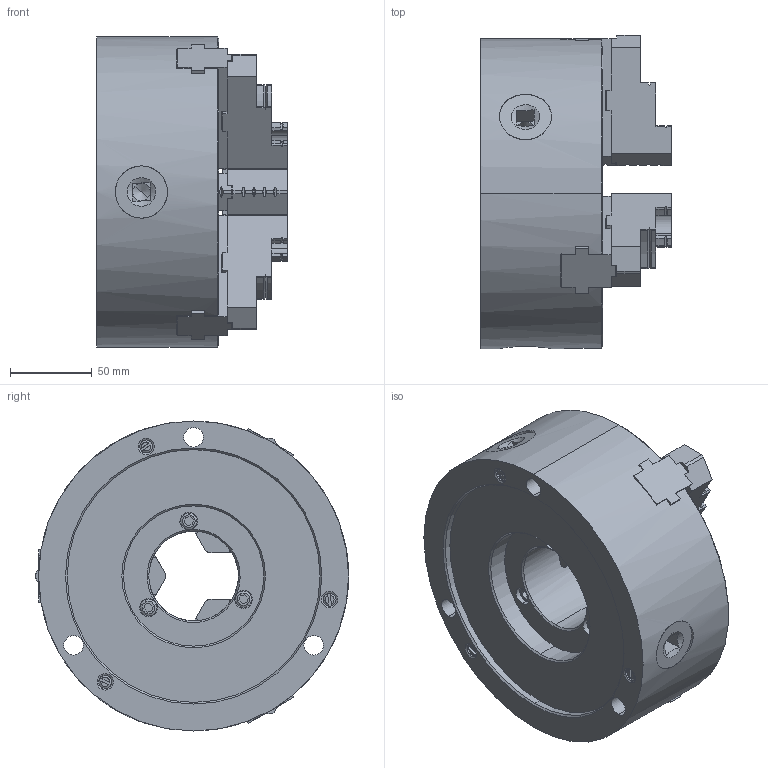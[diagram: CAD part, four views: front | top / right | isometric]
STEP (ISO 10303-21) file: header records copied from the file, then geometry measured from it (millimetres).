
FILE_DESCRIPTION (( 'STEP AP214' ), '1' );
FILE_NAME ('61S263382-1_JN07TN.STEP', '2026-02-27T03:16:55', ( '' ), ( '' ), 'SwSTEP 2.0', 'SolidWorks 2022', '' );
FILE_SCHEMA (( 'AUTOMOTIVE_DESIGN' ));
Length unit declared in the file: millimetre
Products named in the file (5): Part3^61S263382-1_JN07TN; 61S263382-1_JN07TN; 61S313816_BASE JAW; Bアナツキ M10×20; 61S313817_TOPJAW
Assembly tree (13 placements, depth 2):
  61S263382-1_JN07TN
    61S313816_BASE JAW  x3
    61S313817_TOPJAW  x3
    Bアナツキ M10×20  x6
    Part3^61S263382-1_JN07TN
Bounding box: 117 x 192 x 190 mm (x, y, z)
Volume: 1952076.2 mm3; surface area: 226259.2 mm2
Topology: 13 solids, 22 shells, 841 faces, 2201 edges, 1416 vertices
Faces by surface type: plane 387, cylinder 260, cone 168, torus 22, sphere 4
Entity records: 15471 total; most frequent: CARTESIAN_POINT 3878, DIRECTION 2435, ORIENTED_EDGE 2332, EDGE_CURVE 1166, AXIS2_PLACEMENT_3D 916, VERTEX_POINT 759, VECTOR 603, LINE 603

● TASK: Restate the whole of the material word for word without the pictures.

● RESPONSE AREA:
[diagram: CAD part, four views: front | top / right | isometric]
STEP (ISO 10303-21) file: header records copied from the file, then geometry measured from it (millimetres).
FILE_DESCRIPTION (( 'STEP AP214' ), '1' );
FILE_NAME ('61S263382-1_JN07TN.STEP', '2026-02-27T03:16:55', ( '' ), ( '' ), 'SwSTEP 2.0', 'SolidWorks 2022', '' );
FILE_SCHEMA (( 'AUTOMOTIVE_DESIGN' ));
Length unit declared in the file: millimetre
Products named in the file (5): Part3^61S263382-1_JN07TN; 61S263382-1_JN07TN; 61S313816_BASE JAW; Bアナツキ M10×20; 61S313817_TOPJAW
Assembly tree (13 placements, depth 2):
  61S263382-1_JN07TN
    61S313816_BASE JAW  x3
    61S313817_TOPJAW  x3
    Bアナツキ M10×20  x6
    Part3^61S263382-1_JN07TN
Bounding box: 117 x 192 x 190 mm (x, y, z)
Volume: 1952076.2 mm3; surface area: 226259.2 mm2
Topology: 13 solids, 22 shells, 841 faces, 2201 edges, 1416 vertices
Faces by surface type: plane 387, cylinder 260, cone 168, torus 22, sphere 4
Entity records: 15471 total; most frequent: CARTESIAN_POINT 3878, DIRECTION 2435, ORIENTED_EDGE 2332, EDGE_CURVE 1166, AXIS2_PLACEMENT_3D 916, VERTEX_POINT 759, VECTOR 603, LINE 603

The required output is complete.